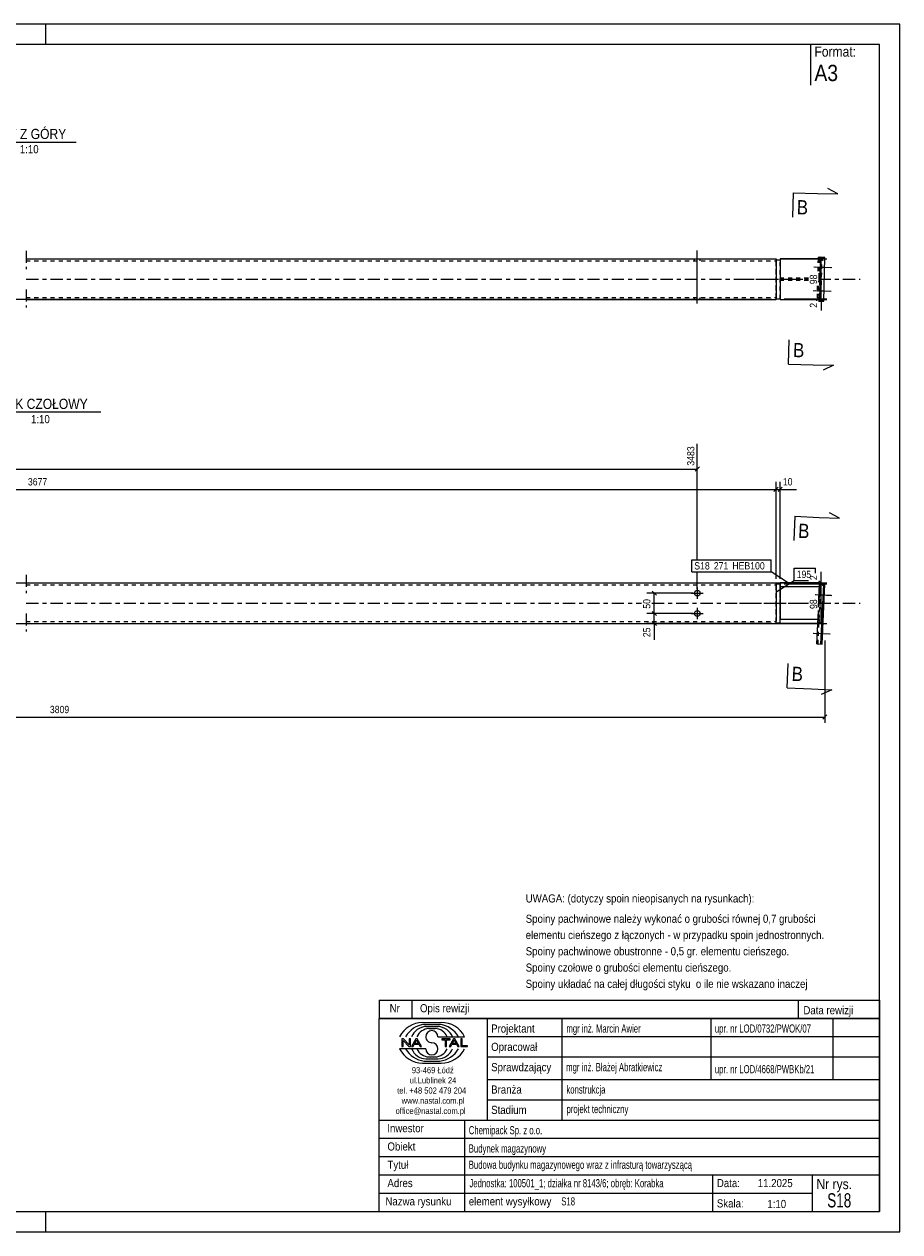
# Model space of a CAD drawing. Header units: millimetres. Extents: x 0 to 420, y 0 to 297.
# Tile 2 of 2: x 205 to 420, y 0 to 297. Entities that reach past the tile are written whole.
import ezdxf

# ---------------------------------------------------------------- set-up
doc = ezdxf.new("R2010")
doc.units = ezdxf.units.MM
for name, pattern in [('XKITLINE00', [0]), ('XKITLINE01', [4, 1, -1, 1, -1]), ('XKITLINE03', [6, 3, -1, 1, -1])]:
    doc.linetypes.add(name, pattern=pattern)
for name, color, linetype, lineweight in [('Arkusz rysunku', 3, 'Continuous', 0), ('Element', 2, 'Continuous', 0), ('Inny typ obiektu', 7, 'Continuous', 0), ('Przekrój', 7, 'Continuous', 0), ('Wymiar', 4, 'Continuous', 0), ('Znak elementu', 2, 'Continuous', 0), ('Śruba', 3, 'Continuous', 0)]:
    doc.layers.add(name, color=color, linetype=linetype, lineweight=lineweight)
doc.styles.add('ARIAL', font='ARIAL.TTF')

msp = doc.modelspace()

# ---------------------------------------------------------------- linework, layer by layer
at = {"layer": 'Arkusz rysunku', "linetype": 'XKITLINE00', "lineweight": 0}
for p, q in [((420, 297), (0, 297)), ((210, 292), (210, 297)), ((420, 297), (415, 297)), ((420, 0), (420, 297)), ((415, 292), (5, 292)), ((415, 5), (415, 292)), ((5, 5), (415, 5)), ((210, 0), (210, 5)), ((0, 0), (420, 0))]:
    msp.add_line(p, q, dxfattribs=at)
at = {"layer": 'Element', "linetype": 'XKITLINE03', "lineweight": 0}
for p, q in [((205.17, 241.28), (205.17, 236.78)), ((205.16, 234.28), (397.5, 234.27)), ((205.17, 231.78), (205.17, 227.28)), ((380.56, 234.27), (397.5, 234.27)), ((400.02, 234.27), (410.21, 234.27)), ((205.17, 161.6), (205.17, 157.1)), ((205.16, 154.6), (356.5, 154.6)), ((359.02, 154.6), (397.5, 154.6)), ((380.56, 154.6), (397.5, 154.6)), ((400.02, 154.6), (410.21, 154.6)), ((205.17, 152.1), (205.17, 147.6))]:
    msp.add_line(p, q, dxfattribs=at)
at = {"layer": 'Element', "linetype": 'XKITLINE00', "lineweight": 0}
for p, q in [((205.16, 239.28), (389.56, 239.27)), ((389.56, 239.27), (389.56, 239.18)), ((389.56, 239.18), (389.56, 239.07)), ((389.56, 239.07), (389.56, 239.07)), ((389.56, 239.07), (390.56, 239.07)), ((389.56, 239.07), (389.56, 238.66)), ((389.56, 238.66), (389.56, 229.89)), ((400.57, 239.27), (390.56, 239.27)), ((390.56, 239.27), (390.56, 229.27)), ((399.89, 239.67), (399.88, 239.27)), ((399.89, 239.67), (400.56, 239.67)), ((400.3, 229.27), (400.57, 239.27)), ((400.56, 239.67), (400.55, 239.27)), ((401.56, 239.64), (400.56, 239.67)), ((401.28, 228.85), (401.56, 239.64)), ((205.16, 229.28), (389.56, 229.27)), ((389.56, 229.47), (389.56, 229.89)), ((389.56, 229.47), (389.56, 229.47)), ((389.56, 229.47), (390.56, 229.47)), ((389.56, 229.37), (389.56, 229.47)), ((389.56, 229.27), (389.56, 229.37)), ((390.56, 229.27), (400.3, 229.27)), ((399.61, 228.96), (399.62, 229.27)), ((400.02, 228.87), (400.28, 228.87)), ((400.61, 228.85), (400.02, 228.86)), ((400.29, 229.27), (400.28, 228.87)), ((400.28, 228.87), (401.28, 228.85)), ((400.61, 228.85), (400.61, 228.86)), ((400.61, 228.85), (401.28, 228.85)), ((205.16, 159.6), (389.56, 159.6)), ((389.56, 159.6), (389.56, 159.5)), ((389.56, 159.5), (389.56, 159.4)), ((389.56, 159.4), (389.56, 158.98)), ((389.56, 159.4), (390.56, 159.4)), ((389.56, 158.98), (389.56, 150.21)), ((390.56, 158.6), (390.56, 159.6)), ((400.57, 159.6), (390.56, 159.6)), ((400.25, 158.6), (390.56, 158.6)), ((390.56, 158.6), (390.56, 150.6)), ((400.02, 153.6), (400.28, 159.3)), ((401.56, 159.24), (400.28, 159.3)), ((400.3, 159.6), (400.29, 159.3)), ((400.57, 159.6), (400.55, 159.29)), ((400.61, 144.56), (401.28, 159.26)), ((400.89, 144.55), (401.56, 159.24)), ((399.61, 144.61), (399.98, 152.81)), ((205.16, 149.6), (389.56, 149.6)), ((389.56, 149.8), (389.56, 150.21)), ((389.56, 149.8), (390.56, 149.8)), ((389.56, 149.69), (389.56, 149.8)), ((389.56, 149.6), (389.56, 149.69)), ((390.56, 149.6), (390.56, 150.6)), ((399.88, 150.6), (390.56, 150.6)), ((399.84, 149.6), (390.56, 149.6)), ((399.61, 144.61), (400.89, 144.55))]:
    msp.add_line(p, q, dxfattribs=at)
at = {"layer": 'Element', "linetype": 'XKITLINE01', "lineweight": 0}
for p, q in [((205.16, 238.78), (389.56, 238.77)), ((389.56, 239.18), (389.56, 239.27)), ((389.56, 238.9), (389.56, 239.18)), ((389.56, 229.47), (389.56, 239.07)), ((389.56, 239.07), (389.56, 238.9)), ((389.56, 238.9), (389.56, 230.04)), ((389.56, 238.9), (389.56, 238.66)), ((389.56, 238.71), (389.56, 238.77)), ((389.56, 238.77), (389.56, 238.71)), ((389.56, 238.71), (389.56, 229.99)), ((389.56, 238.71), (389.56, 238.55)), ((389.56, 238.66), (389.56, 229.89)), ((389.56, 229.83), (389.56, 238.55)), ((390.56, 239.07), (390.56, 229.47)), ((390.56, 229.47), (390.56, 239.07)), ((399.88, 239.27), (399.8, 236.07)), ((399.89, 239.67), (400.89, 239.64)), ((400.11, 239.27), (400.02, 235.81)), ((400.16, 239.27), (400.06, 235.77)), ((400.55, 239.27), (400.29, 229.27)), ((400.43, 235.77), (400.52, 239.27)), ((400.61, 228.86), (400.89, 239.64)), ((400.89, 239.64), (401.56, 239.64)), ((400.06, 235.77), (400.06, 235.31)), ((400.06, 235.31), (400.06, 234.92)), ((400.06, 234.92), (400.07, 234.66)), ((400.07, 234.66), (400.09, 234.57)), ((400.34, 234.57), (400.37, 234.66)), ((400.37, 234.66), (400.39, 234.92)), ((400.39, 234.92), (400.41, 235.31)), ((400.41, 235.31), (400.43, 235.77)), ((397.5, 234.57), (390.56, 234.57)), ((397.5, 233.97), (390.56, 233.97)), ((399.71, 232.68), (399.62, 229.27)), ((399.94, 232.68), (399.85, 229.27)), ((399.89, 229.27), (399.98, 232.68)), ((400.34, 234.57), (400.02, 234.57)), ((400.33, 233.97), (400.02, 233.97)), ((400.05, 233.88), (400.02, 233.62)), ((400.02, 233.62), (400.02, 233.55)), ((400.07, 233.97), (400.05, 233.88)), ((400.26, 229.27), (400.35, 232.77)), ((400.34, 233.88), (400.33, 233.97)), ((400.36, 233.62), (400.34, 233.88)), ((400.35, 232.77), (400.36, 233.23)), ((400.36, 233.23), (400.36, 233.62)), ((205.16, 229.78), (389.56, 229.77)), ((389.56, 229.64), (389.56, 230.04)), ((389.56, 229.83), (389.56, 229.99)), ((389.56, 229.89), (389.56, 229.47)), ((389.56, 229.77), (389.56, 229.83)), ((389.56, 229.77), (389.56, 229.83)), ((389.56, 229.37), (389.56, 229.64)), ((389.56, 229.27), (389.56, 229.37)), ((205.16, 159.1), (389.56, 159.1)), ((389.56, 159.5), (389.56, 159.6)), ((389.56, 159.23), (389.56, 159.5)), ((389.56, 149.8), (389.56, 159.4)), ((389.56, 159.4), (389.56, 159.23)), ((389.56, 159.23), (389.56, 158.98)), ((389.56, 159.23), (389.56, 150.37)), ((389.56, 159.1), (389.56, 150.32)), ((389.56, 159.1), (389.56, 159.04)), ((389.56, 159.04), (389.56, 158.88)), ((389.56, 158.98), (389.56, 150.21)), ((389.56, 150.1), (389.56, 158.88)), ((390.56, 159.4), (390.56, 158.6)), ((390.56, 149.8), (390.56, 159.4)), ((390.56, 159.4), (390.56, 159.4)), ((390.56, 159.4), (390.56, 159.4)), ((390.56, 150.6), (390.56, 158.6)), ((399.89, 144.6), (400.56, 159.29)), ((400.26, 158.6), (400.25, 158.6)), ((400.25, 158.6), (400.35, 158.6)), ((400.29, 159.3), (400.26, 158.6)), ((400.35, 158.6), (400.26, 158.6)), ((400.34, 157.86), (400.33, 157.4)), ((400.36, 158.24), (400.34, 157.86)), ((400.34, 157.4), (400.37, 157.86)), ((400.52, 158.6), (400.35, 158.6)), ((400.35, 158.6), (400.36, 158.51)), ((400.36, 158.51), (400.36, 158.24)), ((400.37, 157.86), (400.39, 158.24)), ((400.39, 158.24), (400.41, 158.51)), ((400.41, 158.51), (400.43, 158.6)), ((400.55, 159.29), (400.52, 158.6)), ((400.07, 151.8), (400.33, 157.4)), ((400.09, 151.8), (400.34, 157.4)), ((400.07, 151.8), (400.05, 151.34)), ((400.07, 151.34), (400.09, 151.8)), ((205.16, 150.1), (389.56, 150.1)), ((389.56, 149.96), (389.56, 150.37)), ((389.56, 150.15), (389.56, 150.32)), ((389.56, 149.8), (389.56, 150.21)), ((389.56, 150.1), (389.56, 150.15)), ((389.56, 149.69), (389.56, 149.96)), ((389.56, 149.6), (389.56, 149.69)), ((390.56, 150.69), (390.56, 151.34)), ((390.56, 150.6), (390.56, 150.69)), ((390.56, 149.8), (390.56, 150.6)), ((390.56, 149.8), (390.56, 149.8)), ((390.56, 149.8), (390.56, 149.8)), ((399.85, 149.6), (399.84, 149.6)), ((399.84, 149.6), (400.11, 149.6)), ((399.85, 149.6), (399.89, 150.6)), ((400.11, 149.6), (399.85, 149.6)), ((399.88, 150.6), (399.89, 150.6)), ((399.89, 150.6), (399.88, 150.6)), ((399.88, 150.6), (400.16, 150.6)), ((399.89, 150.6), (399.99, 150.6)), ((399.99, 150.6), (399.89, 150.6)), ((400, 150.69), (399.99, 150.6)), ((400.02, 150.95), (400, 150.69)), ((400.05, 151.34), (400.02, 150.95)), ((400.06, 150.95), (400.07, 151.34)), ((400.06, 150.69), (400.06, 150.95)), ((400.06, 150.6), (400.06, 150.69)), ((400.16, 150.6), (400.11, 149.6)), ((400.89, 144.55), (400.61, 144.56))]:
    msp.add_line(p, q, dxfattribs=at)
at = {"layer": 'Inny typ obiektu', "linetype": 'XKITLINE00', "lineweight": 0}
for p, q in [((398, 292), (398, 282)), ((194.9, 268), (217.49, 268)), ((194.4, 201.62), (223.48, 201.62)), ((292, 57), (292, 52.5)), ((292, 57), (415, 57)), ((300, 57), (300, 52.5)), ((395, 57), (395, 52.5)), ((415, 57), (415, 52.5)), ((415, 52.5), (292, 52.5)), ((292, 5), (292, 52.5)), ((292, 52.5), (415, 52.5)), ((302.62, 51.49), (307.23, 51.5)), ((303.07, 50.99), (306.86, 51)), ((303.46, 50.49), (306.45, 50.49)), ((318.5, 52.5), (318.5, 27.5)), ((337, 27.5), (337, 52.5)), ((373.5, 52.5), (373.5, 37.5)), ((403.5, 52.5), (403.5, 37.5)), ((415, 52.5), (415, 5)), ((304.2, 49.98), (305.73, 49.99)), ((306.42, 47.99), (312.98, 47.99)), ((318.5, 48), (415, 48)), ((303.43, 45.01), (297, 45.01)), ((297.93, 47.44), (297.57, 47.44)), ((297.57, 47.44), (297.57, 45.56)), ((297.57, 45.56), (297.9, 45.56)), ((297.9, 47.04), (299.29, 45.56)), ((297.9, 45.56), (297.9, 47.04)), ((299.31, 45.96), (297.93, 47.44)), ((299.29, 45.56), (299.65, 45.56)), ((299.65, 47.44), (299.31, 47.44)), ((299.31, 47.44), (299.31, 45.96)), ((299.65, 45.56), (299.65, 47.44)), ((300.96, 47.44), (299.94, 45.56)), ((299.94, 45.56), (300.31, 45.56)), ((300.31, 45.56), (300.61, 46.13)), ((300.61, 46.13), (301.71, 46.13)), ((300.71, 46.33), (301.14, 47.24)), ((301.6, 46.33), (300.71, 46.33)), ((301.33, 47.44), (300.96, 47.44)), ((301.14, 47.24), (301.6, 46.33)), ((302.41, 45.56), (301.33, 47.44)), ((301.71, 46.13), (302.02, 45.56)), ((302.02, 45.56), (302.41, 45.56)), ((309.43, 47.44), (307.34, 47.44)), ((307.34, 47.44), (307.34, 47.22)), ((307.34, 47.22), (308.21, 47.22)), ((308.21, 47.22), (308.21, 45.56)), ((308.21, 45.56), (308.56, 45.56)), ((308.56, 45.56), (308.56, 47.22)), ((308.56, 47.22), (309.43, 47.22)), ((310.21, 47.44), (309.2, 45.56)), ((309.2, 45.56), (309.57, 45.56)), ((309.43, 47.22), (309.43, 47.44)), ((309.57, 45.56), (309.86, 46.13)), ((309.86, 46.13), (310.96, 46.13)), ((309.96, 46.33), (310.39, 47.24)), ((310.86, 46.33), (309.96, 46.33)), ((310.59, 47.44), (310.21, 47.44)), ((310.4, 47.24), (310.39, 47.24)), ((310.4, 47.24), (310.86, 46.33)), ((311.67, 45.56), (310.59, 47.44)), ((310.96, 46.13), (311.27, 45.56)), ((311.27, 45.56), (311.67, 45.56)), ((312.36, 47.44), (312.01, 47.44)), ((312.01, 47.44), (312.01, 45.56)), ((312.01, 45.56), (313.66, 45.56)), ((312.36, 45.78), (312.36, 47.44)), ((313.66, 45.78), (312.36, 45.78)), ((313.66, 45.56), (313.66, 45.78)), ((303.07, 42.01), (306.86, 42)), ((303.46, 42.51), (306.45, 42.51)), ((304.2, 43.02), (305.73, 43.01)), ((318.5, 43), (415, 43)), ((302.62, 41.51), (307.23, 41.5)), ((318.5, 37.5), (415, 37.5)), ((318.5, 32.5), (415, 32.5)), ((292, 27.5), (415, 27.5)), ((313, 5), (313, 27.5)), ((292, 23), (415, 23)), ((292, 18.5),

____

• _Exercise instructions_: In the data above, which lines lie between the line with "doc.units = ezdxf.units.MM" and the line with "color=color, linetype=linetype, lineweight=lineweight)", inclusive? Print those lines exactly and nothing else.

• _Written response_:
doc.units = ezdxf.units.MM
for name, pattern in [('XKITLINE00', [0]), ('XKITLINE01', [4, 1, -1, 1, -1]), ('XKITLINE03', [6, 3, -1, 1, -1])]:
    doc.linetypes.add(name, pattern=pattern)
for name, color, linetype, lineweight in [('Arkusz rysunku', 3, 'Continuous', 0), ('Element', 2, 'Continuous', 0), ('Inny typ obiektu', 7, 'Continuous', 0), ('Przekrój', 7, 'Continuous', 0), ('Wymiar', 4, 'Continuous', 0), ('Znak elementu', 2, 'Continuous', 0), ('Śruba', 3, 'Continuous', 0)]:
    doc.layers.add(name, color=color, linetype=linetype, lineweight=lineweight)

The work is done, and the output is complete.